# The task:
Nothing outside the stretch is wanted. Repeat exactly the lines of the listing below from the one that contains "#1388 = CARTESIAN_POINT" through the one that contains "#1916 = CARTESIAN_POINT", both ends included.

# Task input:
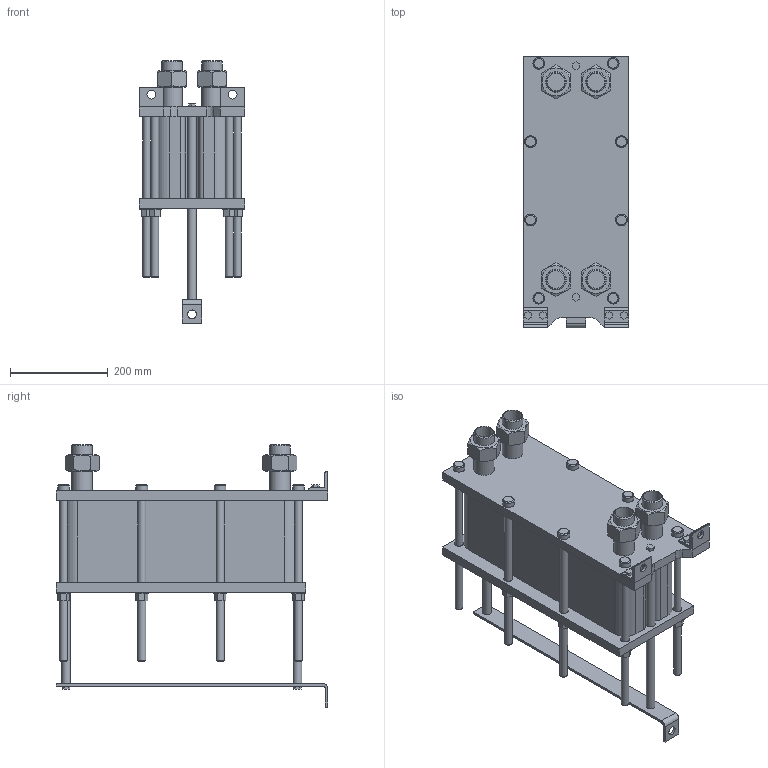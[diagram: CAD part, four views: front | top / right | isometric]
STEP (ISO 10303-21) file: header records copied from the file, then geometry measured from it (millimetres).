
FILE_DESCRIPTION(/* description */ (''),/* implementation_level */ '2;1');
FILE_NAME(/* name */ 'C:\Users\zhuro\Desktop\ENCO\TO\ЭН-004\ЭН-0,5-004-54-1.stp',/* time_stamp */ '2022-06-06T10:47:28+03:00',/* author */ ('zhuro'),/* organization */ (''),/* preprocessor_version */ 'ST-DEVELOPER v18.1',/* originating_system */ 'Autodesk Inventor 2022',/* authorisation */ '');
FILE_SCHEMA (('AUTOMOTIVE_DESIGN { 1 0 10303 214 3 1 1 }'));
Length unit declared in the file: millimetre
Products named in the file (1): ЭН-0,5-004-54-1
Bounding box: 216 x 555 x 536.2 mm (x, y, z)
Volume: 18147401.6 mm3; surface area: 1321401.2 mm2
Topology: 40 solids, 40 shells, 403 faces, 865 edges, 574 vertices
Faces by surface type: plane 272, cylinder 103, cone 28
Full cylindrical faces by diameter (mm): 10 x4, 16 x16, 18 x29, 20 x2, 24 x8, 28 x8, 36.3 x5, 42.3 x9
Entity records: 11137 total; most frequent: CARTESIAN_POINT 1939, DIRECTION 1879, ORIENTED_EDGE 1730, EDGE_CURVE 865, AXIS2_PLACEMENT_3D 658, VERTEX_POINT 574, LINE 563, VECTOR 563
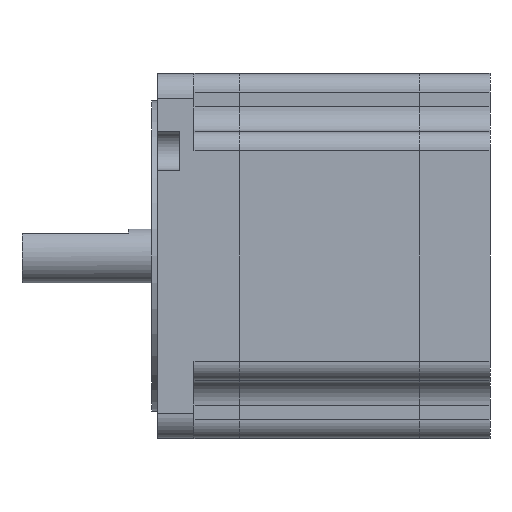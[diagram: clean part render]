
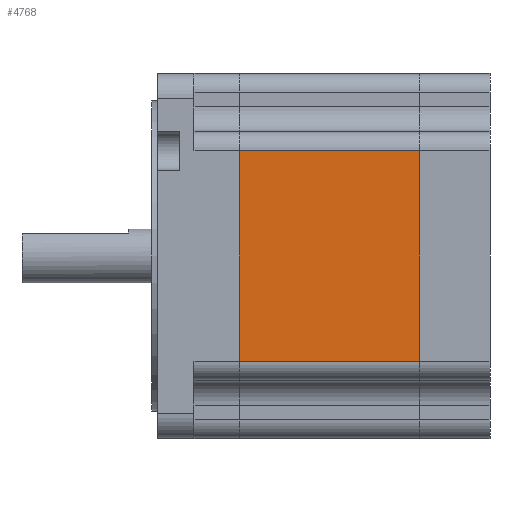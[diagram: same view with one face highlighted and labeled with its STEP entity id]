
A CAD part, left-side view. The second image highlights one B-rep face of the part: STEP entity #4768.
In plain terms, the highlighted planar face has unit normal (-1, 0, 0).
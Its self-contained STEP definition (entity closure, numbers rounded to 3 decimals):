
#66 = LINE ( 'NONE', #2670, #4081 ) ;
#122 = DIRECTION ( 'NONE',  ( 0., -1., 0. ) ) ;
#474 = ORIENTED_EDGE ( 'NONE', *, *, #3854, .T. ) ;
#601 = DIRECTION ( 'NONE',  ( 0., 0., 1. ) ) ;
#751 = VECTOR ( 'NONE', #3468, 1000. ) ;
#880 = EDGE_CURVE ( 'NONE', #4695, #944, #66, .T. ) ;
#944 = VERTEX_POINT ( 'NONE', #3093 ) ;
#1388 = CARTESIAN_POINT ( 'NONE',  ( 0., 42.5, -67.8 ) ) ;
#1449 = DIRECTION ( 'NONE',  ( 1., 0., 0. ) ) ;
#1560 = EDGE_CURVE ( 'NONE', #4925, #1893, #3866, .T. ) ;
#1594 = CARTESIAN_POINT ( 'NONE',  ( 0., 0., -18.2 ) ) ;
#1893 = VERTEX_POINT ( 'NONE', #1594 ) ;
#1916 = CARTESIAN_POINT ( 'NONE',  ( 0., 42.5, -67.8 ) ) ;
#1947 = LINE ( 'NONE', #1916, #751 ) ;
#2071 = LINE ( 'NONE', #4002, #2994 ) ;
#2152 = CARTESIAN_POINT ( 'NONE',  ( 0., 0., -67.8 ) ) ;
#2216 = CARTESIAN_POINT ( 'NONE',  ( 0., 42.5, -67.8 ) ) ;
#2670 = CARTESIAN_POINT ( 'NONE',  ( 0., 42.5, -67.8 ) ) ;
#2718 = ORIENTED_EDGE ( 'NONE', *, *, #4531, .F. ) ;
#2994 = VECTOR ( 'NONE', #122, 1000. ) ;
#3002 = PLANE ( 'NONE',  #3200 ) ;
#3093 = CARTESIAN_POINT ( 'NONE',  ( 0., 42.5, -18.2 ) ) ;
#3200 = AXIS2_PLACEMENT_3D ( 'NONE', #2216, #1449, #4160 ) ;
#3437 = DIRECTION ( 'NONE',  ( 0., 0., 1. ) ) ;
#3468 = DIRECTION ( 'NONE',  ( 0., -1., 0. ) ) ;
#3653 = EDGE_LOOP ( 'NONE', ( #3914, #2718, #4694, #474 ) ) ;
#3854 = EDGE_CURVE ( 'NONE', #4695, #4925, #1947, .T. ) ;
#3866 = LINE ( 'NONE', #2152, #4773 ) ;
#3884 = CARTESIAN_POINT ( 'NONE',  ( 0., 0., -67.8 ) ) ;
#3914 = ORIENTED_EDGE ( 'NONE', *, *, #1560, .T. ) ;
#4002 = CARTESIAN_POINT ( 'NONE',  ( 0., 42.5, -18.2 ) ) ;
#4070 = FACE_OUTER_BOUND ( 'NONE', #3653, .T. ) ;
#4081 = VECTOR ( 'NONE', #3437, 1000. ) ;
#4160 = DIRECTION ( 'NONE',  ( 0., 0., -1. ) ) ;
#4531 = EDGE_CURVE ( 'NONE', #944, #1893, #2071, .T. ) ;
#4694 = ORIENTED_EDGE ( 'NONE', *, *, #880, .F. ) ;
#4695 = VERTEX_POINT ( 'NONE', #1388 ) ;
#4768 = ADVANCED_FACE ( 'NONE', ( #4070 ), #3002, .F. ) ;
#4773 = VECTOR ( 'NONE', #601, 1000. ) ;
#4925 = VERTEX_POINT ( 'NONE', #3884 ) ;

# Task solution:
#1388 = CARTESIAN_POINT ( 'NONE',  ( 0., 42.5, -67.8 ) ) ;
#1449 = DIRECTION ( 'NONE',  ( 1., 0., 0. ) ) ;
#1560 = EDGE_CURVE ( 'NONE', #4925, #1893, #3866, .T. ) ;
#1594 = CARTESIAN_POINT ( 'NONE',  ( 0., 0., -18.2 ) ) ;
#1893 = VERTEX_POINT ( 'NONE', #1594 ) ;
#1916 = CARTESIAN_POINT ( 'NONE',  ( 0., 42.5, -67.8 ) ) ;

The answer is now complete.